[[ RECORDS FOR PROCESSING, beginning ]]

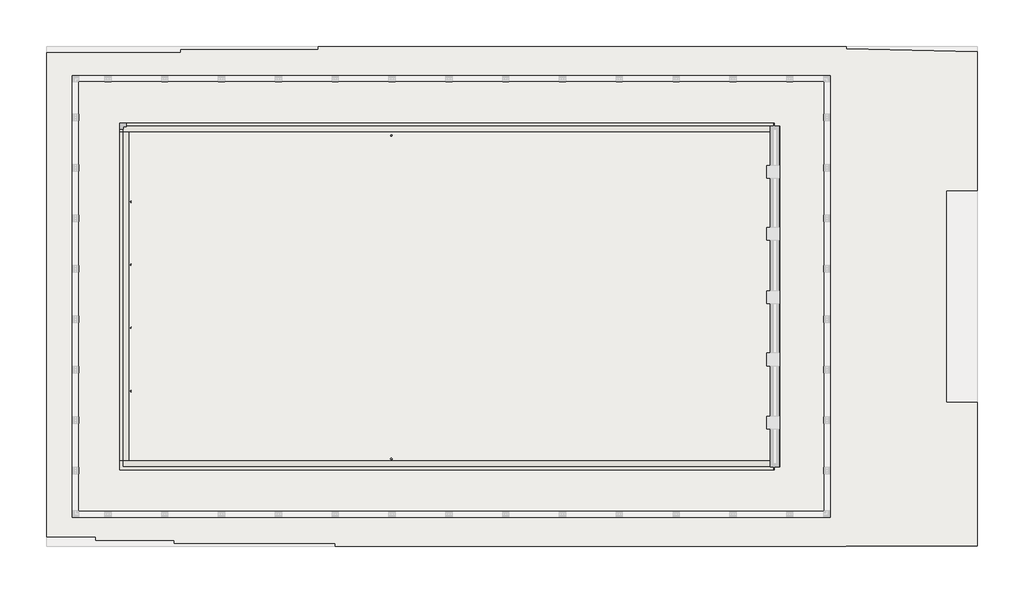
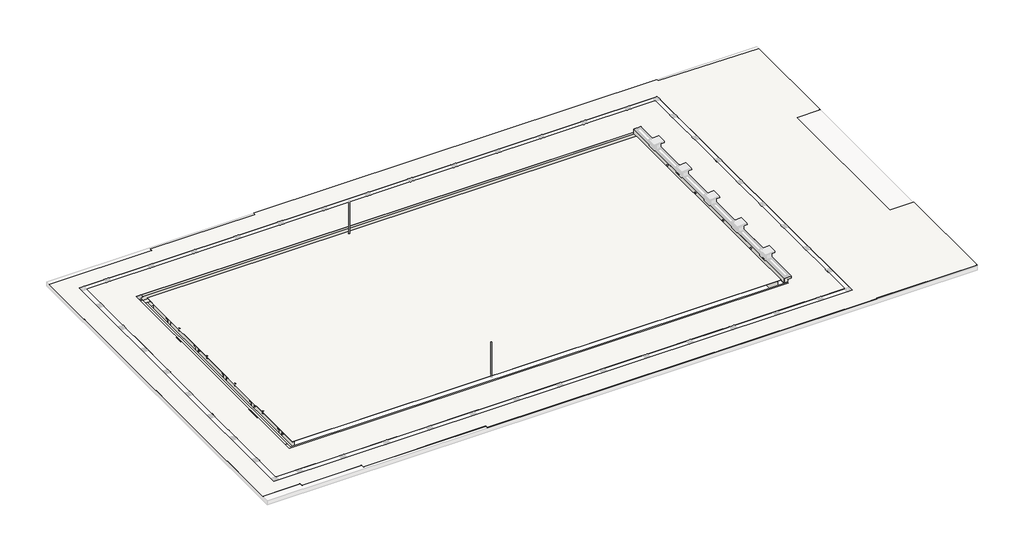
# One storey, part 1 of 2: 58 walls, 3 slabs.
"""IFC4 building model written with IfcOpenShell, lengths in millimetres."""

from ifc_helpers import new_model, si_unit, frame, origin, place, context, project, spatial, polyline, outline, extrude, faceted_brep, element, save

model = new_model("IFC4")

# Units and contexts
model_context = context("Model", 3, world=origin())
ifc_project = project(units=[si_unit("LENGTHUNIT", "METRE", prefix="MILLI")], contexts=[model_context])

# Site, building, storey
site = spatial("IfcSite", under=ifc_project)
building = spatial("IfcBuilding", under=site)
storey = spatial("IfcBuildingStorey", under=building, Name="1_NPlaya", Elevation=-0.4)

# Slabs
placement = place(None, origin())
element("IfcSlab", 1, ObjectType="Pieza 240 G1_Patrón Recto_Aqua_Indubeige_Pastilla", at=placement, inside=storey, context=model_context, shape_type="SweptSolid", body=[
    extrude(outline(polyline([(34679.434436, -40441.2851174), (5179.434436, -40441.2851174), (5179.434436, -23437.5814211), (34679.434436, -23437.5814211), (34679.434436, -40441.2851174)]), holes=[polyline([(32709.4610246, -25071.2511666), (6811.2523334, -25071.2511666), (6811.2523334, -38807.6153718), (32709.4610246, -38807.6153718), (32709.4610246, -38686.5241489), (32748.5344569, -38686.5241489), (32748.5344569, -25184.8423895), (32709.4610246, -25184.8423895), (32709.4610246, -25071.2511666)])]), frame((0.0, 0.0, -9.4), z_axis=(0.0, 0.0, 1.0), x_axis=(1.0, 0.0, 0.0)), (0.0, 0.0, 1.0), 9.0),
])
element("IfcSlab", 2, ObjectType="Pieza 240 G1_Patrón Recto_Aqua_Indubeige_Pastilla", at=placement, inside=storey, context=model_context, shape_type="SweptSolid", body=[
    extrude(outline(polyline([(3904.1150084, -41473.142119), (3904.1150084, -22284.6493469), (9212.926062, -22284.6493469), (9212.926062, -22159.5132537), (14659.6068821, -22159.5132537), (14659.6068821, -22034.3771605), (35576.7187676, -22034.3771605), (35576.7187676, -22128.21266), (40749.7221609, -22237.9898619), (40749.7221609, -27742.3371372), (39520.2946013, -27742.3371372), (39520.2946013, -36141.0489726), (40764.7102398, -36141.0489726), (40764.7102398, -41812.5386541), (35553.3960309, -41812.5386541), (35553.3960309, -41848.5666427), (15336.1978836, -41848.5666427), (15336.1978836, -41723.4167448), (8966.7975365, -41723.4167448), (8966.7975365, -41598.2806516), (5842.6017182, -41598.2806516), (5842.6017182, -41473.142119), (3904.1150084, -41473.142119)]), holes=[polyline([(4929.434436, -23187.5814211), (4929.434436, -40691.2851174), (34929.434436, -40691.2851174), (34929.434436, -23187.5814211), (4929.434436, -23187.5814211)])]), frame((0.0, 0.0, -9.4), z_axis=(0.0, 0.0, 1.0), x_axis=(1.0, 0.0, 0.0)), (0.0, 0.0, 1.0), 9.0),
])
element("IfcSlab", 3, ObjectType="Agua", at=placement, inside=storey, context=model_context, shape_type="SweptSolid", body=[
    extrude(outline(polyline([(32558.5344569, -25429.8423895), (32558.5344569, -38441.5241489), (7177.3435564, -38441.5241489), (7177.3435564, -25429.8423895), (32558.5344569, -25429.8423895)])), frame((0.0, 0.0, -1.4), z_axis=(0.0, 0.0, 1.0), x_axis=(1.0, 0.0, 0.0)), (0.0, 0.0, 1.0), 1.0),
])

# Walls
element("IfcWall", 4, ObjectType="Pieza 122 G1_Patrón Recto_Aqua_Marino_Liso", at=placement, inside=storey, context=model_context, shape_type="SweptSolid", body=[
    extrude(outline(polyline([(8297.6514198, -25680.4332692), (31561.2174523, -25680.4332692), (31561.2174523, -25689.4332692), (8297.6514198, -25689.4332692), (8297.6514198, -25680.4332692)])), frame((0.0, 0.0, -162.4), z_axis=(0.0, 0.0, 1.0), x_axis=(1.0, 0.0, 0.0)), (0.0, 0.0, 1.0), 125.0),
])
element("IfcWall", 5, ObjectType="Pieza 122 G1_Patrón Recto_Aqua_Azul_Anti-Slip", at=placement, inside=storey, context=model_context, shape_type="SweptSolid", body=[
    extrude(outline(polyline([(-38189.4332692, -912.4), (-38189.4332692, -162.4), (-37219.4598578, -162.4), (-37219.4598578, -412.4), (-37094.4598578, -412.4), (-37094.4598578, -912.4), (-38189.4332692, -912.4)])), frame((7420.434436, 0.0, 0.0), z_axis=(1.0, 0.0, 0.0), x_axis=(0.0, 1.0, 0.0)), (0.0, 0.0, 1.0), 9.0),
])
element("IfcWall", 6, ObjectType="Pieza 122 G1_Patrón Recto_Aqua_Azul_Anti-Slip", at=placement, inside=storey, context=model_context, shape_type="SweptSolid", body=[
    extrude(outline(polyline([(-36844.4598578, -912.4), (-36844.4598578, -412.4), (-36719.4598578, -412.4), (-36719.4598578, -162.4), (-34719.4598578, -162.4), (-34719.4598578, -412.4), (-34594.4598578, -412.4), (-34594.4598578, -912.4), (-36844.4598578, -912.4)])), frame((7420.434436, 0.0, 0.0), z_axis=(1.0, 0.0, 0.0), x_axis=(0.0, 1.0, 0.0)), (0.0, 0.0, 1.0), 9.0),
])
element("IfcWall", 7, ObjectType="Pieza 122 G1_Patrón Recto_Aqua_Marino_Anti-Slip", at=placement, inside=storey, context=model_context, shape_type="SweptSolid", body=[
    extrude(outline(polyline([(-37094.4598578, -162.4), (-37094.4598578, -37.4), (-36844.4598578, -37.4), (-36844.4598578, -162.4), (-36719.4598578, -162.4), (-36719.4598578, -412.4), (-36844.4598578, -412.4), (-36844.4598578, -912.4), (-37094.4598578, -912.4), (-37094.4598578, -412.4), (-37219.4598578, -412.4), (-37219.4598578, -162.4), (-37094.4598578, -162.4)])), frame((7420.434436, 0.0, 0.0), z_axis=(1.0, 0.0, 0.0), x_axis=(0.0, 1.0, 0.0)), (0.0, 0.0, 1.0), 9.0),
])
element("IfcWall", 8, ObjectType="Pieza 122 G1_Patrón Recto_Aqua_Marino_Anti-Slip", at=placement, inside=storey, context=model_context, shape_type="SweptSolid", body=[
    extrude(outline(polyline([(-34594.4598578, -162.4), (-34594.4598578, -37.4), (-34344.4598578, -37.4), (-34344.4598578, -162.4), (-34219.4598578, -162.4), (-34219.4598578, -412.4), (-34344.4598578, -412.4), (-34344.4598578, -912.4), (-34594.4598578, -912.4), (-34594.4598578, -412.4), (-34719.4598578, -412.4), (-34719.4598578, -162.4), (-34594.4598578, -162.4)])), frame((7420.434436, 0.0, 0.0), z_axis=(1.0, 0.0, 0.0), x_axis=(0.0, 1.0, 0.0)), (0.0, 0.0, 1.0), 9.0),
])
element("IfcWall", 9, ObjectType="Pieza 122 G1_Patrón Recto_Aqua_Marino_Anti-Slip", at=placement, inside=storey, context=model_context, shape_type="SweptSolid", body=[
    extrude(outline(polyline([(-32094.4598578, -162.4), (-32094.4598578, -37.4), (-31844.4598578, -37.4), (-31844.4598578, -162.4), (-31719.4598578, -162.4), (-31719.4598578, -412.4), (-31844.4598578, -412.4), (-31844.4598578, -912.4), (-32094.4598578, -912.4), (-32094.4598578, -412.4), (-32219.4598578, -412.4), (-32219.4598578, -162.4), (-32094.4598578, -162.4)])), frame((7420.434436, 0.0, 0.0), z_axis=(1.0, 0.0, 0.0), x_axis=(0.0, 1.0, 0.0)), (0.0, 0.0, 1.0), 9.0),
])
element("IfcWall", 10, ObjectType="Pieza 122 G1_Patrón Recto_Aqua_Marino_Anti-Slip", at=placement, inside=storey, context=model_context, shape_type="SweptSolid", body=[
    extrude(outline(polyline([(-29594.4598578, -162.4), (-29594.4598578, -37.4), (-29344.4598578, -37.4), (-29344.4598578, -162.4), (-29219.4598578, -162.4), (-29219.4598578, -412.4), (-29344.4598578, -412.4), (-29344.4598578, -912.4), (-29594.4598578, -912.4), (-29594.4598578, -412.4), (-29719.4598578, -412.4), (-29719.4598578, -162.4), (-29594.4598578, -162.4)])), frame((7420.434436, 0.0, 0.0), z_axis=(1.0, 0.0, 0.0), x_axis=(0.0, 1.0, 0.0)), (0.0, 0.0, 1.0), 9.0),
])
element("IfcWall", 11, ObjectType="Pieza 122 G1_Patrón Recto_Aqua_Marino_Anti-Slip", at=placement, inside=storey, context=model_context, shape_type="SweptSolid", body=[
    extrude(outline(polyline([(-27094.4598578, -162.4), (-27094.4598578, -37.4), (-26844.4598578, -37.4), (-26844.4598578, -162.4), (-26719.4598578, -162.4), (-26719.4598578, -412.4), (-26844.4598578, -412.4), (-26844.4598578, -912.4), (-27094.4598578, -912.4), (-27094.4598578, -412.4), (-27219.4598578, -412.4), (-27219.4598578, -162.4), (-27094.4598578, -162.4)])), frame((7420.434436, 0.0, 0.0), z_axis=(1.0, 0.0, 0.0), x_axis=(0.0, 1.0, 0.0)), (0.0, 0.0, 1.0), 9.0),
])
element("IfcWall", 12, ObjectType="Pieza 122 G1_Patrón Recto_Aqua_Azul_Anti-Slip", at=placement, inside=storey, context=model_context, shape_type="SweptSolid", body=[
    extrude(outline(polyline([(-34344.4598578, -912.4), (-34344.4598578, -412.4), (-34219.4598578, -412.4), (-34219.4598578, -162.4), (-32219.4598578, -162.4), (-32219.4598578, -412.4), (-32094.4598578, -412.4), (-32094.4598578, -912.4), (-34344.4598578, -912.4)])), frame((7420.434436, 0.0, 0.0), z_axis=(1.0, 0.0, 0.0), x_axis=(0.0, 1.0, 0.0)), (0.0, 0.0, 1.0), 9.0),
])
element("IfcWall", 13, ObjectType="Pieza 122 G1_Patrón Recto_Aqua_Azul_Anti-Slip", at=placement, inside=storey, context=model_context, shape_type="SweptSolid", body=[
    extrude(outline(polyline([(-31844.4598578, -912.4), (-31844.4598578, -412.4), (-31719.4598578, -412.4), (-31719.4598578, -162.4), (-29719.4598578, -162.4), (-29719.4598578, -412.4), (-29594.4598578, -412.4), (-29594.4598578, -912.4), (-31844.4598578, -912.4)])), frame((7420.434436, 0.0, 0.0), z_axis=(1.0, 0.0, 0.0), x_axis=(0.0, 1.0, 0.0)), (0.0, 0.0, 1.0), 9.0),
])
element("IfcWall", 14, ObjectType="Pieza 122 G1_Patrón Recto_Aqua_Azul_Anti-Slip", at=placement, inside=storey, context=model_context, shape_type="SweptSolid", body=[
    extrude(outline(polyline([(-29344.4598578, -912.4), (-29344.4598578, -412.4), (-29219.4598578, -412.4), (-29219.4598578, -162.4), (-27219.4598578, -162.4), (-27219.4598578, -412.4), (-27094.4598578, -412.4), (-27094.4598578, -912.4), (-29344.4598578, -912.4)])), frame((7420.434436, 0.0, 0.0), z_axis=(1.0, 0.0, 0.0), x_axis=(0.0, 1.0, 0.0)), (0.0, 0.0, 1.0), 9.0),
])
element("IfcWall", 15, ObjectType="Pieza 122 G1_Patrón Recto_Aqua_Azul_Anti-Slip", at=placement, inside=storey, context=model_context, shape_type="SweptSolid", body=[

[[ RECORDS FOR PROCESSING, end ]]

=== WHAT IS NEEDED ===
For each line above that includes "spatial", make a copy.

=== SOLUTION FOR THIS TASK ===
from ifc_helpers import new_model, si_unit, frame, origin, place, context, project, spatial, polyline, outline, extrude, faceted_brep, element, save
site = spatial("IfcSite", under=ifc_project)
building = spatial("IfcBuilding", under=site)
storey = spatial("IfcBuildingStorey", under=building, Name="1_NPlaya", Elevation=-0.4)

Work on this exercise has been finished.